Apaixonante. Jampa é foda, uma das minhas se nao a minha favorita do Nordeste. Parabens pelas fotos Xará. Alias, voce faz threads otimos, devia fazer mais hahahaha

Abracos!


----------



## Anthony Paradise

Eu PRECISO conhecer essa cidade!


----------



## Pernambucano Soul

Linda, João Pessoa!
Sou felizardo em morar a apenas 1.30 hora desta capital maravilhosa. Parabéns pelo belo thread,Rio Atrato!
:applause::applause:


----------



## Leoxjs

É sempre bom ver a impressão que um turista tem da nossa cidade, melhor ainda quando essa impressão é boa. Volte no verão e com mais tempo, é capaz de nem querer mais voltar.


----------



## legal

A arquitetura historica e' de altissima qualidade.... predios excelentes! Que linda!


----------



## Red River

usbra said:


> Natal, João Pessoa e Aracaju possuem urbanismo superior as 3 metrópoles da região.

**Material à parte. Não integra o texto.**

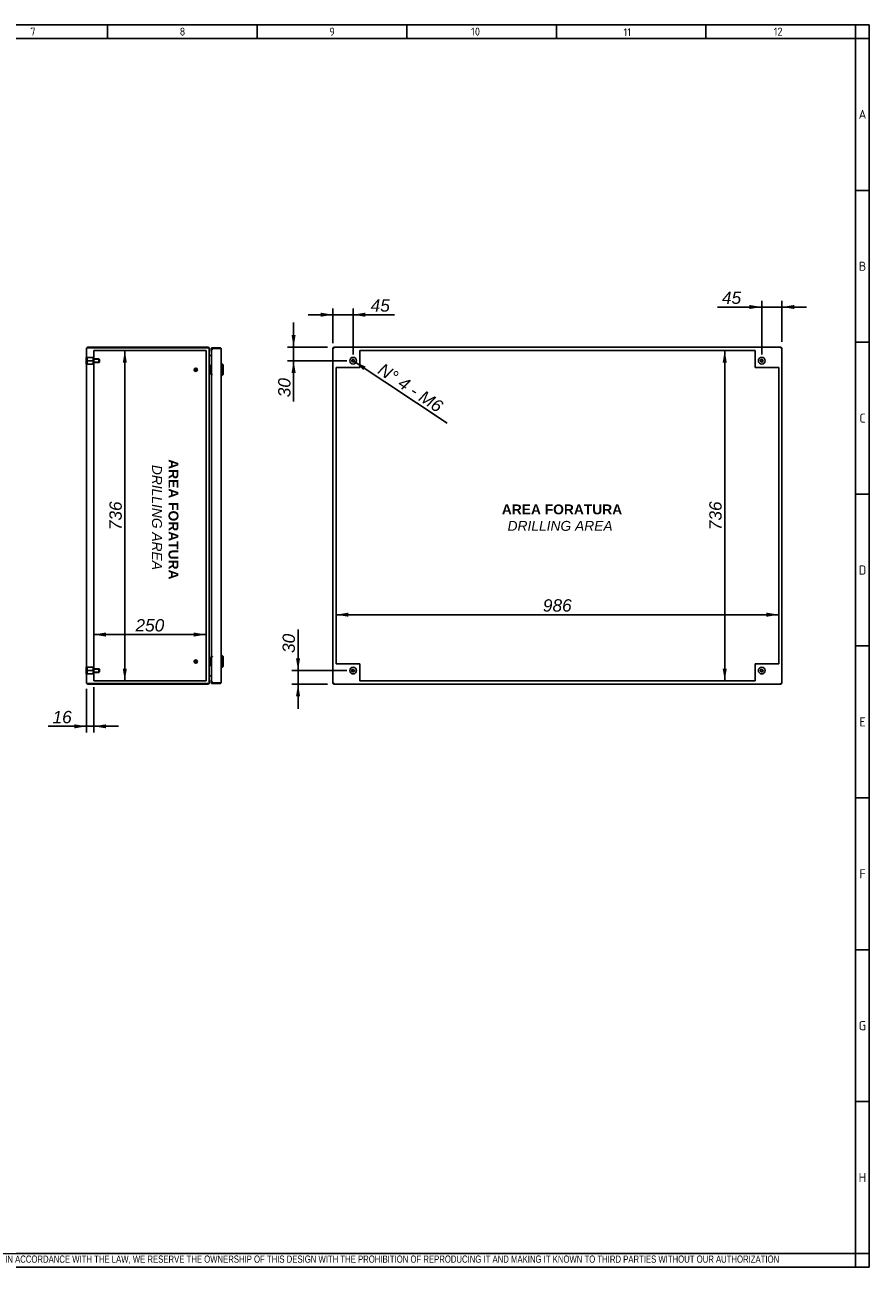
# Model space of a CAD drawing. Extents: x 6 to 412, y 11 to 288.
# Tile 4 of 4: x 224 to 412, y 11 to 288. Entities that reach past the tile are written whole.
import ezdxf
from ezdxf.enums import TextEntityAlignment as Align
from ezdxf.lldxf.tags import DXFTag

# ---------------------------------------------------------------- set-up
doc = ezdxf.new("R2010")
doc.units = 0
doc.layers.get('0').update_dxf_attribs({"linetype": 'CONTINUOUS'})
for name, color, linetype in [('_TRANSLATION', 7, 'CONTINUOUS'), ('AE00417_01', 7, 'CONTINUOUS'), ('AE00907_02', 7, 'CONTINUOUS'), ('AE00989_10', 7, 'CONTINUOUS'), ('C0000000', 7, 'CONTINUOUS'), ('C0000000_04', 7, 'CONTINUOUS'), ('C0000000_05', 7, 'CONTINUOUS'), ('C0000000_46', 7, 'CONTINUOUS'), ('C0000000_85', 7, 'CONTINUOUS'), ('C0000000_86', 7, 'CONTINUOUS'), ('DEFAULT', 7, 'CONTINUOUS')]:
    doc.layers.add(name, color=color, linetype=linetype)
doc.styles.add('SEACAD_ARIAL', font='arial.ttf')
doc.styles.add('SEACAD_ARIALI', font='ariali.ttf')
tags = doc.linetypes.add('CENTER2', pattern=[28.575, 19.05, -3.175, 3.175, -3.175]).pattern_tags.tags
tags[10:11] = [DXFTag(74, 4), DXFTag(75, 0), DXFTag(340, '0'), DXFTag(46, 0.0), DXFTag(50, 0.0), DXFTag(44, 0.0), DXFTag(45, 0.0)]
tags[8:9] = [DXFTag(74, 4), DXFTag(75, 0), DXFTag(340, '0'), DXFTag(46, 0.0), DXFTag(50, 0.0), DXFTag(44, 0.0), DXFTag(45, 0.0)]
tags[6:7] = [DXFTag(74, 4), DXFTag(75, 0), DXFTag(340, '0'), DXFTag(46, 0.0), DXFTag(50, 0.0), DXFTag(44, 0.0), DXFTag(45, 0.0)]
tags[4:5] = [DXFTag(74, 4), DXFTag(75, 0), DXFTag(340, '0'), DXFTag(46, 0.0), DXFTag(50, 0.0), DXFTag(44, 0.0), DXFTag(45, 0.0)]
tags = doc.linetypes.add('HIDDEN2', pattern=[4.7625, 3.175, -1.5875]).pattern_tags.tags
tags[6:7] = [DXFTag(74, 4), DXFTag(75, 0), DXFTag(340, '0'), DXFTag(46, 0.0), DXFTag(50, 0.0), DXFTag(44, 0.0), DXFTag(45, 0.0)]
tags[4:5] = [DXFTag(74, 4), DXFTag(75, 0), DXFTag(340, '0'), DXFTag(46, 0.0), DXFTag(50, 0.0), DXFTag(44, 0.0), DXFTag(45, 0.0)]
doc.dimstyles.new('ISO', dxfattribs={"dimtxt": 2.75, "dimasz": 2.75, "dimexe": 1.375, "dimexo": 1.375, "dimgap": 0.6875, "dimtad": 1, "dimdec": 1, "dimlfac": 10, "dimtxsty": 'SEACAD_ARIAL', "dimsah": 1, "dimcen": 1.375, "dimadec": 1, "dimazin": 3, "dimtfac": 0.7, "dimtdec": 3, "dimtmove": 0, "dimatfit": 3})

# ---------------------------------------------------------------- blocks, each defined once
blk = doc.blocks.new('SE4')
at = {"layer": 'AE00417_01', "color": 7, "linetype": 'HIDDEN2'}
for centre, radius in [((262.11, 210.8), 0.375), ((262.11, 210.8), 0.3), ((262.11, 210.8), 0.25), ((262.11, 210.8), 0.225), ((262.11, 145.8), 0.375), ((262.11, 145.8), 0.3), ((262.11, 145.8), 0.25), ((262.11, 145.8), 0.225)]:
    blk.add_circle(centre, radius, dxfattribs=at)
for centre in [(262.11, 210.8), (262.11, 145.8)]:
    blk.add_arc(centre, 0.238, 75, 15, dxfattribs=at)
at = {"layer": 'AE00907_02', "color": 7, "linetype": 'HIDDEN2'}
for p, q in [((238.46, 140.95), (237.96, 140.95)), ((237.96, 140.95), (237.96, 140.95)), ((242.44, 140.95), (238.46, 140.95)), ((242.94, 140.95), (242.44, 140.95)), ((242.94, 140.95), (242.94, 140.95))]:
    blk.add_line(p, q, dxfattribs=at)
at = {"layer": 'AE00907_02', "color": 7, "linetype": 'CONTINUOUS'}
for p, q in [((238.46, 140.95), (238.45, 140.95)), ((242.44, 140.95), (238.46, 140.95)), ((242.45, 140.95), (242.44, 140.95)), ((242.94, 140.95), (242.94, 140.95))]:
    blk.add_line(p, q, dxfattribs=at)
at = {"layer": 'AE00989_10', "color": 7, "linetype": 'CONTINUOUS'}
for p, q in [((267.91, 212.2), (267.81, 212.2)), ((267.91, 212.2), (267.91, 209.4)), ((268.21, 211.9), (267.91, 212.2)), ((268.21, 209.7), (268.21, 211.9)), ((267.81, 209.4), (267.91, 209.4)), ((267.91, 209.4), (268.21, 209.7)), ((267.91, 147.2), (267.81, 147.2)), ((267.91, 147.2), (267.91, 144.4)), ((268.21, 146.9), (267.91, 147.2)), ((268.21, 144.7), (268.21, 146.9)), ((267.81, 144.4), (267.91, 144.4)), ((267.91, 144.4), (268.21, 144.7))]:
    blk.add_line(p, q, dxfattribs=at)
at = {"layer": 'C0000000', "color": 7, "linetype": 'CONTINUOUS'}
for p, q in [((237.71, 212.05), (237.71, 213.55)), ((237.81, 213.55), (237.71, 213.55)), ((237.71, 212.05), (237.81, 212.05)), ((265.21, 211.7), (265.21, 211.7)), ((265.23, 211.7), (265.61, 211.7)), ((265.31, 211.6), (265.31, 210)), ((265.21, 209.9), (265.21, 209.9)), ((265.61, 209.9), (265.23, 209.9)), ((265.21, 146.7), (265.21, 146.7)), ((265.23, 146.7), (265.61, 146.7)), ((265.21, 144.9), (265.21, 144.9)), ((265.61, 144.9), (265.23, 144.9)), ((265.31, 146.6), (265.31, 145))]:
    blk.add_line(p, q, dxfattribs=at)
at = {"layer": 'C0000000', "color": 7, "linetype": 'HIDDEN2'}
for p, q in [((237.96, 213.55), (237.96, 212.8)), ((239.26, 213.55), (237.96, 213.55)), ((239.26, 213.55), (239.26, 212.8)), ((240.56, 213.2), (239.26, 213.2)), ((240.64, 213.12), (239.26, 213.12)), ((240.56, 213.2), (240.56, 212.4)), ((240.66, 213.1), (240.56, 213.2)), ((240.66, 212.5), (240.66, 213.1)), ((237.96, 212.8), (237.96, 212.05)), ((239.26, 212.8), (237.96, 212.8)), ((239.26, 212.05), (237.96, 212.05)), ((239.26, 212.8), (239.26, 212.05)), ((240.64, 212.47), (239.26, 212.47)), ((239.26, 212.4), (240.56, 212.4)), ((240.56, 212.4), (240.66, 212.5))]:
    blk.add_line(p, q, dxfattribs=at)
at = {"layer": 'C0000000', "color": 7, "linetype": 'CONTINUOUS'}
for centre, start, end in [((265.21, 211.6), 90, 180), ((265.21, 210), 180, 270), ((265.21, 146.6), 90, 180), ((265.21, 145), 180, 270)]:
    blk.add_arc(centre, 0.1, start, end, dxfattribs=at)
for points in [[(265.31, 211.6), (265.31, 211.7), (265.21, 211.7)], [(265.21, 209.9), (265.31, 209.9), (265.31, 210)], [(265.31, 146.6), (265.31, 146.7), (265.21, 146.7)], [(265.21, 144.9), (265.31, 144.9), (265.31, 145)]]:
    blk.add_rational_spline(points, [1, 0.707106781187, 1], degree=2, dxfattribs=at)
at = {"layer": 'C0000000_04', "color": 7, "linetype": 'HIDDEN2'}
for p, q in [((237.96, 144.55), (237.96, 143.8)), ((239.26, 144.55), (237.96, 144.55)), ((239.26, 144.55), (239.26, 143.8)), ((240.56, 144.2), (239.26, 144.2)), ((240.64, 144.12), (239.26, 144.12)), ((240.56, 144.2), (240.56, 143.4)), ((240.66, 144.1), (240.56, 144.2)), ((240.66, 143.5), (240.66, 144.1)), ((237.96, 143.8), (237.96, 143.05)), ((239.26, 143.8), (237.96, 143.8)), ((239.26, 143.05), (237.96, 143.05)), ((239.26, 143.8), (239.26, 143.05)), ((240.64, 143.47), (239.26, 143.47)), ((239.26, 143.4), (240.56, 143.4)), ((240.56, 143.4), (240.66, 143.5))]:
    blk.add_line(p, q, dxfattribs=at)
at = {"layer": 'C0000000_05', "color": 7, "linetype": 'CONTINUOUS'}
for p, q in [((237.71, 143.05), (237.71, 144.55)), ((237.81, 144.55), (237.71, 144.55)), ((237.71, 143.05), (237.81, 143.05))]:
    blk.add_line(p, q, dxfattribs=at)
at = {"layer": 'C0000000_46', "color": 7, "linetype": 'CONTINUOUS'}
for p, q in [((264.83, 215.8), (238.09, 215.8)), ((237.81, 141.08), (237.81, 215.52)), ((237.84, 215.65), (238.09, 215.65)), ((238.09, 215.64), (237.84, 215.64)), ((264.83, 215.65), (238.09, 215.65)), ((238.09, 215.64), (264.83, 215.64)), ((239.41, 213.12), (239.41, 213.2)), ((265.11, 215.51), (265.11, 215.52)), ((265.11, 141.08), (265.11, 215.51)), ((265.24, 213.94), (265.11, 213.94)), ((265.61, 213.95), (265.24, 213.95)), ((265.24, 213.94), (265.61, 213.94)), ((239.41, 212.4), (239.41, 212.47)), ((239.41, 144.12), (239.41, 144.2)), ((239.41, 143.4), (239.41, 143.47)), ((265.11, 142.65), (265.24, 142.65)), ((265.61, 142.65), (265.24, 142.65)), ((265.24, 142.65), (265.61, 142.65)), ((238.09, 140.95), (237.84, 140.95)), ((237.84, 140.95), (238.09, 140.95)), ((264.83, 140.95), (238.09, 140.95)), ((238.09, 140.95), (238.45, 140.95)), ((238.09, 140.8), (264.83, 140.8)), ((242.45, 140.95), (264.83, 140.95)), ((265.11, 141.08), (265.11, 141.08))]:
    blk.add_line(p, q, dxfattribs=at)
at = {"layer": 'C0000000_46', "color": 7, "linetype": 'CENTER2'}
for p, q in [((239.41, 213.2), (239.41, 215.1)), ((239.41, 215.1), (264.41, 215.1)), ((239.41, 212.47), (239.41, 213.12)), ((264.41, 215.1), (264.41, 141.5)), ((239.41, 144.2), (239.41, 212.4)), ((239.41, 143.47), (239.41, 144.12)), ((239.41, 141.5), (239.41, 143.4)), ((264.41, 141.5), (239.41, 141.5))]:
    blk.add_line(p, q, dxfattribs=at)
at = {"layer": 'C0000000_46', "color": 7, "linetype": 'CONTINUOUS'}
for centre, radius, start, end in [((238.09, 215.52), 0.28, 90, 152.336), ((264.83, 215.52), 0.28, 0, 90), ((238.09, 215.52), 0.28, 152.336, 180), ((265.24, 214.08), 0.13, 180, 270), ((265.24, 142.52), 0.13, 90, 180), ((238.09, 141.08), 0.28, 180, 207.664), ((238.09, 141.08), 0.28, 207.664, 270), ((264.83, 141.08), 0.28, 270, 0)]:
    blk.add_arc(centre, radius, start, end, dxfattribs=at)
for centre, major_axis, ratio, start_param, end_param in [((238.09, 215.52), (0.28, 0), 0.997824, 2.658765, 3.141593), ((264.83, 215.51), (-0.28, 0), 0.464286, 3.141593, 4.712389), ((238.09, 141.08), (0.28, 0), 0.997824, 3.141593, 3.624421), ((264.83, 141.08), (0.28, 0), 0.464286, 4.712389, 6.283185)]:
    blk.add_ellipse(centre, major_axis=major_axis, ratio=ratio, start_param=start_param, end_param=end_param, dxfattribs=at)
at = {"layer": 'C0000000_85', "color": 7, "linetype": 'CONTINUOUS'}
for p, q in [((265.76, 215.7), (265.61, 215.7)), ((265.61, 215.54), (265.61, 215.7)), ((267.51, 215.54), (265.61, 215.54)), ((265.61, 215.37), (265.61, 215.54)), ((265.91, 215.37), (265.61, 215.37)), ((265.76, 215.37), (265.61, 215.37)), ((265.61, 215.37), (265.61, 215.37)), ((265.61, 215.37), (265.61, 209.72)), ((265.76, 215.7), (267.51, 215.7)), ((265.76, 215.55), (267.51, 215.55)), ((265.76, 215.37), (265.91, 215.37)), ((265.91, 215.37), (265.91, 215.37)), ((267.77, 215.55), (267.51, 215.55)), ((267.51, 215.54), (267.77, 215.54)), ((267.55, 215.7), (267.55, 215.69)), ((267.58, 215.7), (267.58, 215.69)), ((267.81, 215.4), (267.81, 141.2)), ((265.76, 209.72), (265.61, 209.72)), ((265.86, 209.7), (265.61, 209.7)), ((265.61, 209.7), (265.61, 146.9)), ((265.86, 209.72), (265.76, 209.72)), ((265.86, 209.72), (265.86, 209.7)), ((265.86, 209.7), (265.86, 209.7)), ((265.61, 146.9), (265.86, 146.9)), ((265.76, 146.88), (265.61, 146.88)), ((265.61, 146.88), (265.61, 141.23)), ((265.76, 146.88), (265.86, 146.88)), ((265.86, 146.9), (265.86, 146.9)), ((265.86, 146.9), (265.86, 146.88)), ((265.76, 141.23), (265.61, 141.23)), ((265.61, 141.23), (265.61, 141.22)), ((265.61, 141.05), (265.61, 141.22)), ((265.61, 141.22), (265.91, 141.22)), ((265.91, 141.23), (265.76, 141.23)), ((265.91, 141.22), (265.91, 141.23)), ((265.61, 141.05), (267.51, 141.05)), ((265.61, 141.05), (265.61, 140.9)), ((265.76, 140.9), (265.61, 140.9)), ((267.51, 141.05), (265.76, 141.05)), ((267.51, 140.9), (265.76, 140.9)), ((267.51, 141.05), (267.77, 141.05)), ((267.77, 141.05), (267.51, 141.05)), ((267.55, 140.9), (267.55, 140.9)), ((267.58, 140.9), (267.58, 140.9))]:
    blk.add_line(p, q, dxfattribs=at)
for centre, radius, start, end in [((265.76, 215.54), 0.15, 90, 180.0316), ((265.76, 215.54), 0.0002, 90, 204.4698), ((267.51, 215.4), 0.3, 30, 90), ((267.51, 215.4), 0.3, 0, 30), ((267.51, 141.2), 0.3, 330, 0), ((265.76, 141.05), 0.15, 179.9684, 270), ((265.76, 141.05), 0.0002, 155.5302, 270), ((267.51, 141.2), 0.3, 270, 330)]:
    blk.add_arc(centre, radius, start, end, dxfattribs=at)
for centre, start_param, end_param in [((267.51, 215.4), 3.141593, 3.665191), ((267.51, 141.2), 2.617994, 3.141593)]:
    blk.add_ellipse(centre, major_axis=(-0.3, 0), ratio=0.998114, start_param=start_param, end_param=end_param, dxfattribs=at)
at = {"layer": 'C0000000_86', "color": 7, "linetype": 'CONTINUOUS'}
for p, q in [((265.61, 215.54), (265.58, 215.54)), ((265.58, 214.99), (265.58, 215.54)), ((265.58, 141.05), (265.58, 141.6)), ((265.61, 141.05), (265.58, 141.05))]:
    blk.add_line(p, q, dxfattribs=at)
for centre, major_axis, ratio, start_param, end_param in [((265.87, 214.99), (0, 0.3), 0.976296, 1.570796, 2.046102), ((267.51, 215.4), (0, 0.307), 0.977599, 4.712389, 5.222355), ((265.87, 141.6), (0, 0.3), 0.976296, 1.09549, 1.570796), ((267.51, 141.2), (0, -0.307), 0.977599, 1.06083, 1.570796)]:
    blk.add_ellipse(centre, major_axis=major_axis, ratio=ratio, start_param=start_param, end_param=end_param, dxfattribs=at)
blk = doc.blocks.new('SE5')
at = {"layer": 'AE00907_02', "color": 7, "linetype": 'CONTINUOUS'}
blk.add_line((392.52, 140.95), (392.52, 140.95), dxfattribs=at)
blk.add_line((392.52, 140.95), (392.52, 140.95), dxfattribs=at)
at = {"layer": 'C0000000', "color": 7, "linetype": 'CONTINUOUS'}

Adoro João Pessoa, meu pai era paraibano, estive lá há um mês, mas concordo que a urbanização da orla é muito boa. As ruas internas desses mesmos bairros precisam de uma boa melhorada. 

O Altiplano impressiona com seus prédios altíssimos e arquitetura arrojada, mas as ruas também precisam de melhorias. 

O centro histórico realmente, e infelizmente, está degradado. Aliás, ao sair do hotel Globo entrava nele o prefeito da cidade. Nem sei a razão de eu não o ter abordado e perguntado sobre isso. O guia falou mal dele. 

Bom, eu saí do shopping Manaíra (muito bom) em direção ao Cabo Branco, a pé. Um pedaço eu andei por ruas internas, mas depois decidi buscar a orla porque estava um tanto deserto. Não que eu me sentisse inseguro, mas como bom brasileiro eu preferi não arriscar. 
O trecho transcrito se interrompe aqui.